Note how many lines of the data below hold the word "schematic", then give that number with no other text.

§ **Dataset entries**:
────
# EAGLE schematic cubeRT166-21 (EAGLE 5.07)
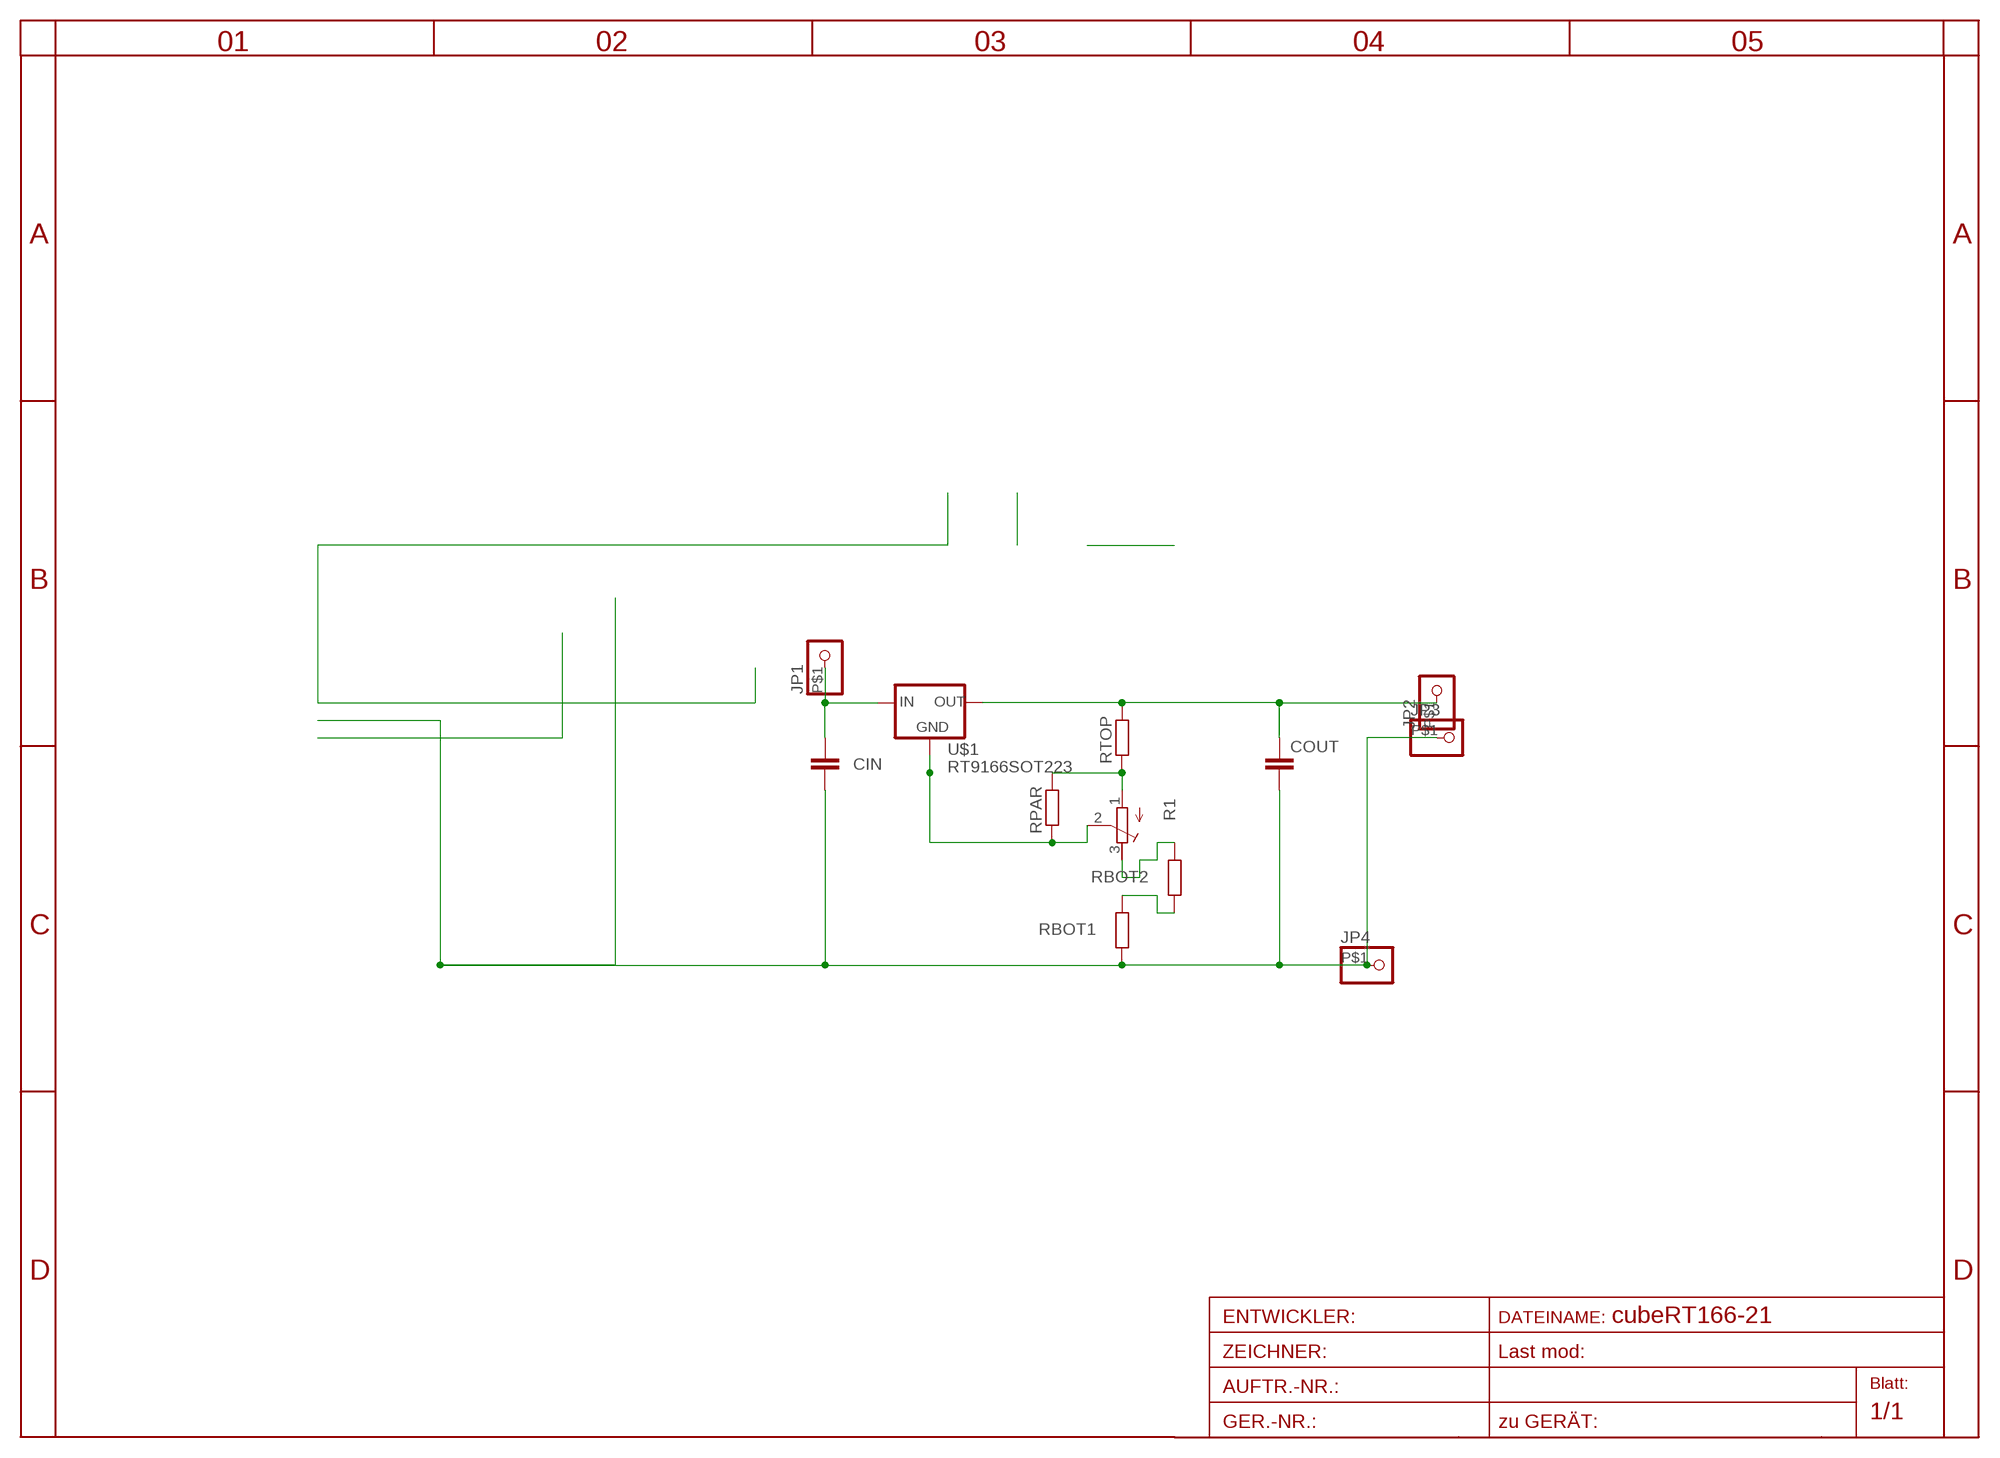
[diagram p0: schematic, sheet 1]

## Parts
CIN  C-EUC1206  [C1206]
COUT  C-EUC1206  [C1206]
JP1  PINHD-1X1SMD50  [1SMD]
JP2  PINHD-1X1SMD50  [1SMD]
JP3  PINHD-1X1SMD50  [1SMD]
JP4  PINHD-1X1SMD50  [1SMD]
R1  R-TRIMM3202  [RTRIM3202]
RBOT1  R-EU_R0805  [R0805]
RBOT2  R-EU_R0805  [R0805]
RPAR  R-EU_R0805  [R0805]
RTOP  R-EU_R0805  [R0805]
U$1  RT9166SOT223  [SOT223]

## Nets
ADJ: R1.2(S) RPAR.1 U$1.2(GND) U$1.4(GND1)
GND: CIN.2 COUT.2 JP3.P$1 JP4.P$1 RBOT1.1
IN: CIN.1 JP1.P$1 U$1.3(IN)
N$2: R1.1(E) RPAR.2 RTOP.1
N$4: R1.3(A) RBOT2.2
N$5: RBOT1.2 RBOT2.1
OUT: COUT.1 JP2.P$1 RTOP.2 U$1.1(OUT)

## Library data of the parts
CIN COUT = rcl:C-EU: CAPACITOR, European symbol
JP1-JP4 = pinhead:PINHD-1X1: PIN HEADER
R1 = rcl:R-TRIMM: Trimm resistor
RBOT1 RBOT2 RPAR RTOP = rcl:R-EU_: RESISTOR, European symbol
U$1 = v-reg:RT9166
────
§ **Response to this exercise**:
2